According to the Financial Times, revenues from streaming overtook revenue from CD sales in the U.S. in 2014 and are continuing to rise as other revenues continue to fall. That's certainly a better alternative than outright piracy, and if more American consumers will embrace becoming subscription users — which is something Universal is reportedly pushing through licensing negotiations with Spotify — then the model that seems to be working elsewhere could also work in the U.S.

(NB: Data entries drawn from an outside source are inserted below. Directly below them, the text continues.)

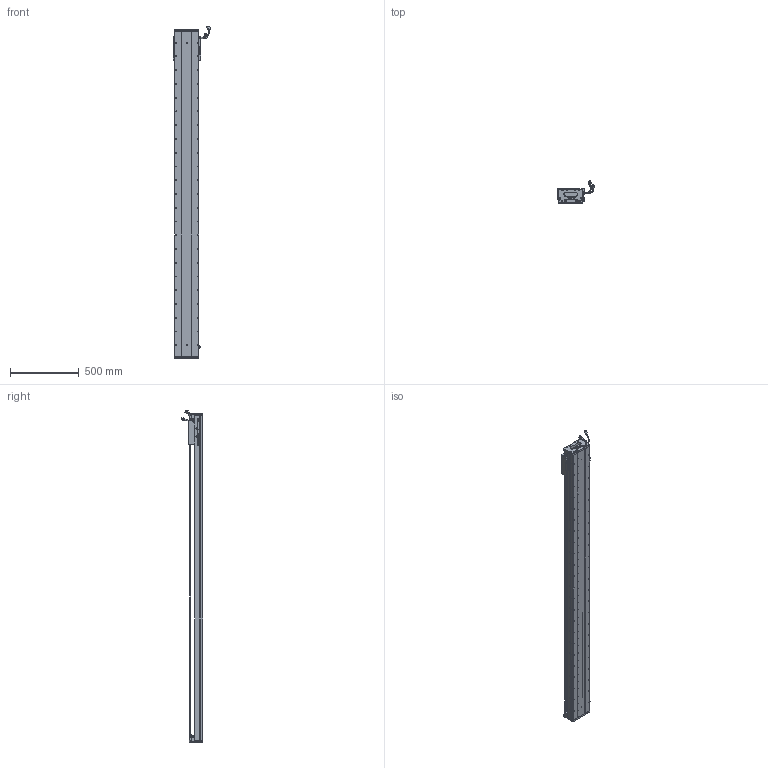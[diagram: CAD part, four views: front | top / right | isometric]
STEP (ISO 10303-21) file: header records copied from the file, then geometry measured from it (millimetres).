
FILE_DESCRIPTION (( 'STEP AP203' ), '1' );
FILE_NAME ('Z2-RY170D-1-L500-B-K.SLDASM_2100.step', '2021-05-17T09:09:53', ( '盈信电脑' ), ( '东莞市道滘镇水果街19号' ), 'SwSTEP 2.0', 'SolidWorks 2016', '' );
FILE_SCHEMA (( 'CONFIG_CONTROL_DESIGN' ));
Length unit declared in the file: millimetre
Products named in the file (36): Z2-RY170-L500詩湍145mm遵_2100; 榋妏寠巭燃_暯_M2_2; SCALE; SCREW-M1.6-2; SCALE-Part-1; 140蚥薯蝶輸; HARNESS; 080黍杅芛假蚾釱21遴; Z2-RY170D-1-L500-B-K.SLDASM_2100; SHIELDPLATE; LABEL; LABEL-Part-1; SCALE-Part-2; SCREW-M1.6-3; SCREW-M1.6; 140雄赽晤鎢ん堤盄; Z2-RY170-L500耀郪菁釱_2100; SCREW-M1.6-1; SCREW-M1.7-1; COVER-Part-1; HARNESS-Part-2; 覜茼ん672; HARNESS-Part-1; SEAL; Z2-RY170臏賑輸(21遴); Z-170詩湍傷裔啣; RY170直线电机感应器672光电感应片; Z-RY170詩湍奻揤裔; COVER; SEAL-Part-1; Z-RY170詩湍狟揤裔; PBU_SHEET; PSLH080_PSLF2; SCREW-M1.7; 170-Z-臏賑輸盄裔(21遴); HOLDER0
Assembly tree (41 placements, depth 4):
  Z2-RY170D-1-L500-B-K.SLDASM_2100
    Z2-RY170-L500耀郪菁釱_2100
    RY170直线电机感应器672光电感应片
    Z2-RY170臏賑輸(21遴)
    覜茼ん672  x3
    PSLH080_PSLF2
      SCALE
        SCALE-Part-1
        SCALE-Part-2
      HARNESS
        HARNESS-Part-1
        HARNESS-Part-2
      LABEL
        LABEL-Part-1
      COVER
        COVER-Part-1
      SEAL
        SEAL-Part-1
      榋妏寠巭燃_暯_M2_2
      SHIELDPLATE
      SCREW-M1.7
      SCREW-M1.7-1
      PBU_SHEET
      SCREW-M1.6
      SCREW-M1.6-1
      SCREW-M1.6-2
      SCREW-M1.6-3
      HOLDER0
    080黍杅芛假蚾釱21遴
    Z2-RY170-L500詩湍145mm遵_2100
    Z-170詩湍傷裔啣  x2
    Z-RY170詩湍奻揤裔  x2
    Z-RY170詩湍狟揤裔  x2
    140蚥薯蝶輸  x2
    170-Z-臏賑輸盄裔(21遴)
    140雄赽晤鎢ん堤盄
Bounding box: 275.34 x 158.11 x 2413.72 mm (x, y, z)
Volume: 11916360.4 mm3; surface area: 2949110 mm2
Topology: 36 solids, 36 shells, 3888 faces, 10735 edges, 6711 vertices
Faces by surface type: cylinder 1934, plane 1288, cone 544, torus 69, bspline 53
Entity records: 121415 total; most frequent: CARTESIAN_POINT 33640, ORIENTED_EDGE 17986, DIRECTION 16865, EDGE_CURVE 8993, AXIS2_PLACEMENT_3D 6210, VERTEX_POINT 5829, VECTOR 4445, LINE 4445

"In the aggregate you have to ask yourself, is it a helpful thing for the ecosystem, and I think on the whole that it is," Macias states. "Thanks to overall revenues in Sweden, among other things, that answer is an affirmative to my satisfaction. I do feel that streaming, as long as the continued emphasis can be placed on getting listeners to be subscription holders as opposed to listening through the app-supported way, then I we're gonna see those revenues continue to rise."

Smith intends to use Spotify to help him continue the mission he's been on all along: to bring more fans to awareness of himself and his brand.

I know that streaming is the way of the future, it's here to stay, people want music on demand, and the industry has to accommodate that.

"Like it or not, it is the future in a lot of ways, or the beginning of what is going to be the future," he states. "I'm an independent artist, and our goal is to sell out concerts everywhere we go. And Spotify helps me do that."

There are other hopeful signs on the horizon. Cash is looking forward to a bill that Congressman Jerrold Nadler (D-N.Y.) is set to introduce in April that she hopes will help close the loopholes that are currently a part of what she calls "antiquated" intellectual property laws in the U.S., many of which date back to before World War II.

"We think it's a really big step forward," she says, adding, "I don't vilify Spotify. I don't say it's bad, that we have to go back to brick-and-mortar sales of records, that I want to turn back the clock. I don't feel like that at all. I know that streaming is the way of the future, it's here to stay, people want music on demand, and the industry has to accommodate that."

"What I would like to see happen, besides all of the copyright laws being re-written for the digital age," she says, laughing, "my dream is that the value of music, people will wake up to the fact that music isn't just in the air, that there are actually people behind music who create it, who have copyrights that should be respected like any other copyrights. I don't think that we can just set ourselves up for conflict and say, 'Streaming is bad, it's going to destroy us.' I think we have to find a way to accommodate ourselves and find a way to get paid fairly for our work."